> _What this task involves_
Keep only the lines of the data below that contain "stable", and copy them.

> _Excerpted records_

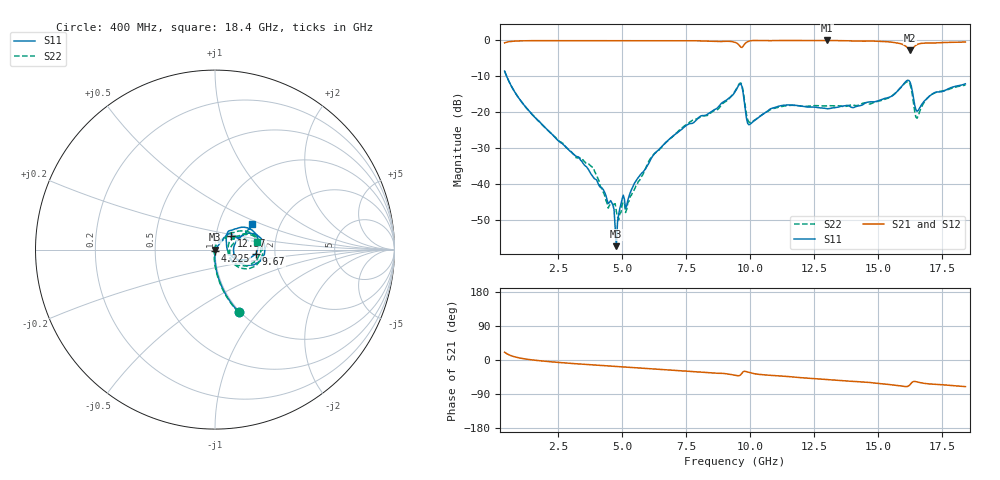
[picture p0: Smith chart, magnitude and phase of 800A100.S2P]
!  American Technical Ceramics  Date:  9/12/2007
!  One Norden Lane
!  Huntington Station,  NY.  11746-2102
!  Tel:  (631) 622-4700  Fax:  (631) 622-4748
!  Part Number  800A100  Mounting Orientation: Vertical
!  Description: Ultra Low ESR Microwave capacitors
!  Application: Coupling, Bypass, Tuning, DC Block
!  Filters, Matching
# GHZ S DB R 50
! Freq  |S11|  S11 Ph  |S21|  S21 Ph  |S12|  S12 Ph  |S22|  S22 Ph
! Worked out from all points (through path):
!   401 points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, 400 MHz to 18.4 GHz, reference 50 ohm
!   highest |S21| = 0.00 dB at 13 GHz (marker M1); lowest = -2.7 dB at 16.24 GHz (marker M2)
!   group delay of S21, straight-line fit = 11.8 ps
!   lowest |S11| = -57.3 dB at 4.765 GHz (marker M3), VSWR 1.00, Z = 50.1 - j0.018 ohm
!   |S11| at or under -10 dB: 481.2 MHz to end of sweep
!   |S22| runs from -50.0 to -8.6 dB; largest |S21 - S12| = 0.0022
!   S11 on the Smith chart (normalised r, x): 400 MHz: 0.99, -0.80; 4.225 GHz: 1.00, -0.02; 9.67 GHz: 1.59, -0.08; 12.37 GHz: 1.19, +0.18; 18.4 GHz: 1.44, +0.43
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0.4  -8.55 -69.0  -0.67 20.6  -0.67 20.6  -8.56 -69.4
1.39  -19.93 -87.2  -0.07 1.0  -0.07 1.0  -19.95 -88.7
3.415  -33.68 -100.5  -0.05 -10.9  -0.06 -10.9  -33.33 -93.3
3.865  -38.10 -100.0  -0.06 -13.1  -0.06 -13.0  -35.31 -109.5
4.225  -41.31 -92.7  -0.05 -14.7  -0.06 -14.7  -42.01 -120.2
4.585  -45.17 -74.4  -0.04 -16.4  -0.05 -16.3  -45.77 -130.5
4.765  -57.32 -7.6  -0.06 -17.1  -0.06 -17.1  -47.67 155.1
4.99  -44.20 6.1  -0.06 -18.2  -0.06 -18.2  -45.71 103.5
5.215  -44.48 26.1  -0.05 -19.1  -0.06 -19.1  -45.19 88.0
6.43  -30.39 51.1  -0.05 -24.4  -0.05 -24.4  -30.54 70.4
9.4  -14.33 40.4  -0.53 -40.3  -0.52 -40.2  -14.13 31.6
9.67  -12.77 -5.9  -1.96 -34.8  -1.96 -34.8  -12.44 -15.4
9.985  -23.37 17.0  -0.12 -33.5  -0.12 -33.5  -22.88 -1.6
11.11  -18.32 48.1  -0.02 -41.8  -0.01 -41.8  -18.58 31.4
12.37  -18.55 39.1  -0.01 -48.6  -0.01 -48.6  -18.23 32.2
12.415  -18.57 38.9  -0.01 -48.8  -0.01 -48.8  -18.23 32.3
13  -19.02 37.0  0.00 -51.7  -0.01 -51.7  -18.22 33.2
15.43  -15.81 26.6  -0.42 -64.8  -0.41 -64.8  -15.90 29.7
16.24  -11.65 -13.7  -2.71 -64.9  -2.69 -64.9  -12.26 -22.2
16.51  -19.74 -1.9  -1.14 -57.7  -1.14 -57.7  -21.65 -2.9
17.095  -14.98 27.4  -0.71 -63.6  -0.71 -63.6  -15.03 18.9
18.4  -12.09 34.5  -0.44 -70.2  -0.42 -70.2  -12.45 10.2
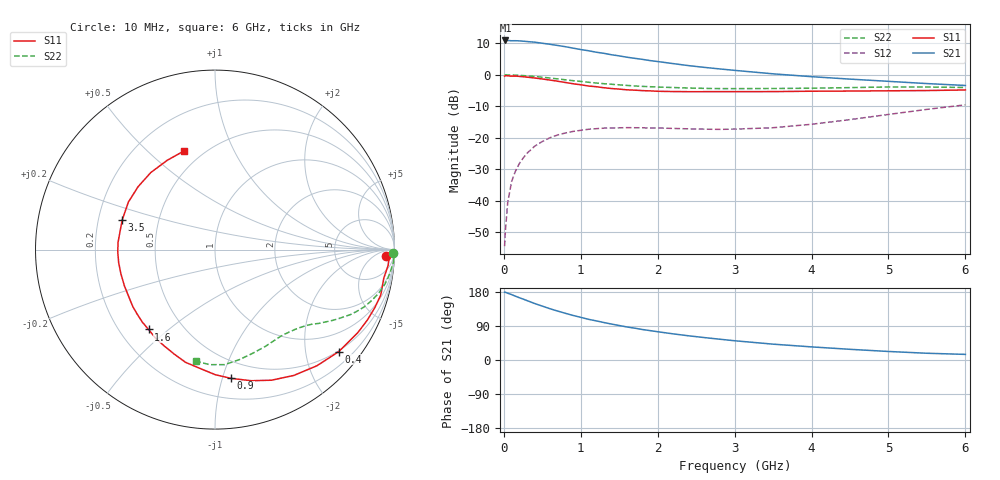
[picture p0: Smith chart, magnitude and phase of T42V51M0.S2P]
! Infineon Technologies  Discrete & RF Semiconductors
! BFR182T
! Si NPN RF Bipolar Junction Transistor in SC75
! VCE = 2.5 V  IC = 1 mA
! Common Emitter S-Parameters:  October  1999
# GHz  S  MA  R  50
!  f  S11  S21  S12  S22
! GHz  MAG  ANG  MAG  ANG  MAG  ANG  MAG  ANG
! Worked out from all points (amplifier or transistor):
!   36 points, 10 MHz to 6 GHz, reference 50 ohm
!   highest |S21| = 10.9 dB at 20 MHz (marker M1)
!   |S21| within 3 dB of that: start of sweep to 1.03 GHz
!   unconditionally stable (mu >= 1): 2.376 GHz to 4.583 GHz
!   at 250 MHz: K = 0.09, MSG = 18.6 dB, |S12| = -26.5 dB
!   at 1.4 GHz: K = 0.58, MSG = 11.6 dB, |S12| = -16.9 dB
!   at 6 GHz: K = 0.84, MSG = 3.1 dB, |S12| = -9.5 dB
!   S11 on the Smith chart (normalised r, x): 10 MHz: 27, -21; 400 MHz: 0.48, -2.71; 900 MHz: 0.36, -1.07; 1.6 GHz: 0.32, -0.43; 3.5 GHz: 0.30, +0.14; 6 GHz: 0.40, +0.66
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0.01  0.9545 -2.1  3.495 178.8  0.0019 85.7  0.9915 -1.1
0.02  0.9743 -0.8  3.525 178.8  0.0033 86.5  0.9999 -0.8
0.05  0.9686 -5.2  3.522 176.2  0.0093 87.5  0.9975 -2.0
0.1  0.9538 -9.6  3.487 172.7  0.02 85.3  0.9965 -4.0
0.2  0.9471 -20.1  3.471 164.5  0.0388 79.2  0.9831 -7.8
0.25  0.9353 -24.8  3.436 160.8  0.0475 75.2  0.9748 -9.6
0.4  0.8936 -39.5  3.31 149.1  0.0735 66.7  0.9439 -14.9
0.5  0.8611 -48.7  3.185 142.2  0.0874 62.1  0.918 -18.0
0.6  0.8274 -57.9  3.064 135.3  0.1004 57.2  0.8915 -20.9
0.7  0.7929 -66.6  2.934 129.1  0.1111 53.3  0.8634 -23.4
0.8  0.7578 -74.6  2.805 123.2  0.1193 49.6  0.836 -25.7
0.9  0.723 -82.9  2.663 117.6  0.1264 45.9  0.8092 -27.6
1.1  0.666 -97.6  2.42 107.4  0.1368 40.3  0.7639 -31.1
1.4  0.6072 -117.6  2.089 94.8  0.1433 34.0  0.7098 -35.4
1.6  0.5787 -129.8  1.909 87.2  0.1453 31.5  0.6803 -37.7
1.8  0.5627 -140.8  1.767 80.5  0.1446 30.0  0.6573 -40.3
2.2  0.5437 -158.1  1.512 69.0  0.1411 29.5  0.6299 -44.9
2.8  0.5418 -178.7  1.246 55.0  0.1363 34.1  0.6058 -53.1
3.5  0.5427 162.4  1.04 41.8  0.1448 45.3  0.6079 -62.6
4.5  0.5536 140.7  0.857 28.2  0.1947 58.0  0.6278 -77.5
5.5  0.5642 118.2  0.728 17.8  0.2832 59.7  0.6418 -92.6
6  0.5762 107.4  0.679 14.8  0.3344 56.9  0.6308 -99.7
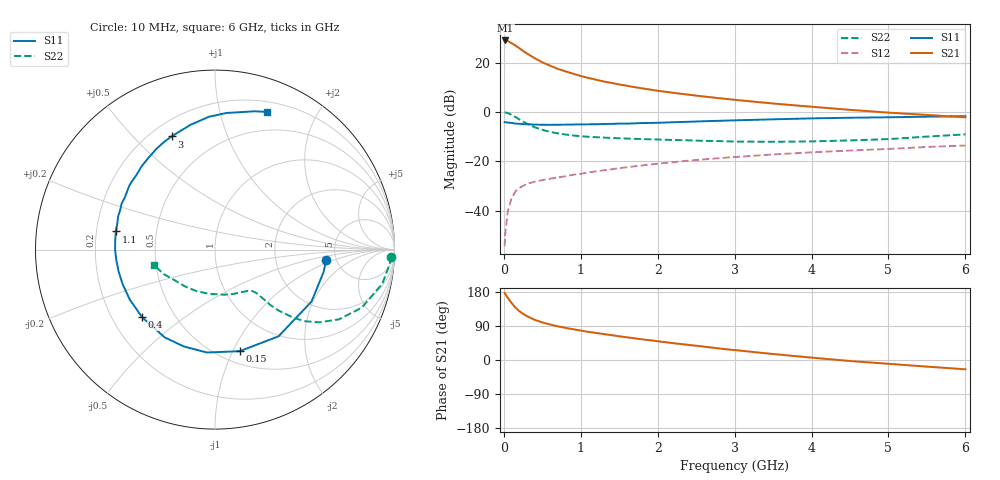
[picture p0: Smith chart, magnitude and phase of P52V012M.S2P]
! SIEMENS Small Signal Semiconductors
! BFP183
! Si NPN RF Bipolar Junction Transistor in SOT143
! VCE = 2 V  IC = 12 mA
! Common Emitter S-Parameters:  March  1996
# GHz  S  MA  R  50
!  f  S11  S21  S12  S22
! GHz  MAG  ANG  MAG  ANG  MAG  ANG  MAG  ANG
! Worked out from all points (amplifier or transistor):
!   36 points, 10 MHz to 6 GHz, reference 50 ohm
!   highest |S21| = 29.0 dB at 20 MHz (marker M1)
!   |S21| within 3 dB of that: start of sweep to 195 MHz
!   unconditionally stable (mu >= 1): 997.3 MHz to 5.536 GHz
!   at 250 MHz: K = 0.37, MSG = 27.4 dB, |S12| = -30.0 dB
!   at 1.4 GHz: K = 1.12, MAG = 15.4 dB, |S12| = -23.2 dB
!   at 6 GHz: K = 0.95, MSG = 5.7 dB, |S12| = -13.6 dB
!   S11 on the Smith chart (normalised r, x): 10 MHz: 4.12, -0.80; 150 MHz: 0.62, -1.06; 400 MHz: 0.33, -0.36; 1.1 GHz: 0.28, +0.08; 3 GHz: 0.28, +0.65; 6 GHz: 0.30, +1.40
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0.01  0.6215 -5.5  27.98 176.9  0.0019 85.0  0.9799 -2.3
0.02  0.6179 -11.6  28.17 173.9  0.0036 79.0  0.9765 -4.7
0.05  0.6108 -28.3  27.45 164.3  0.0095 78.5  0.9517 -11.5
0.1  0.5989 -53.8  24.93 150.5  0.0177 67.1  0.8792 -21.6
0.15  0.5824 -76.3  22.33 138.6  0.0244 59.0  0.7919 -29.4
0.2  0.5751 -94.5  19.7 129.1  0.0287 53.7  0.7085 -34.9
0.25  0.5669 -107.9  17.27 121.7  0.0317 49.5  0.6376 -38.7
0.3  0.5639 -119.8  15.36 115.8  0.035 47.5  0.5777 -41.0
0.4  0.5539 -137.1  12.33 106.1  0.0385 44.2  0.4905 -43.8
0.5  0.5505 -149.5  10.15 99.2  0.0414 42.9  0.4339 -45.1
0.6  0.5495 -159.3  8.694 93.7  0.0443 43.0  0.3952 -45.4
0.7  0.5509 -167.5  7.492 89.0  0.047 43.6  0.3681 -45.8
0.9  0.5567 -179.8  5.964 81.3  0.0533 44.6  0.3342 -46.4
1.1  0.5619 169.6  4.908 74.2  0.0594 45.7  0.314 -47.8
1.5  0.5802 153.9  3.614 62.5  0.0724 46.2  0.2927 -52.0
1.8  0.5961 143.1  3.009 54.5  0.0823 46.0  0.2812 -56.8
2.2  0.6188 131.3  2.447 44.5  0.0959 44.3  0.2703 -64.4
3  0.6756 111.0  1.763 26.2  0.122 39.3  0.2512 -83.9
3.5  0.7089 101.0  1.483 15.8  0.1374 35.8  0.2484 -98.1
4.5  0.7636 85.3  1.104 -2.7  0.165 27.8  0.2648 -129.3
5.5  0.8017 74.0  0.87 -17.5  0.1951 20.5  0.3166 -154.6
6  0.82 69.3  0.779 -24.5  0.2086 16.0  0.3513 -165.7

> _Reply to the exercise_
!   unconditionally stable (mu >= 1): 2.376 GHz to 4.583 GHz
!   unconditionally stable (mu >= 1): 997.3 MHz to 5.536 GHz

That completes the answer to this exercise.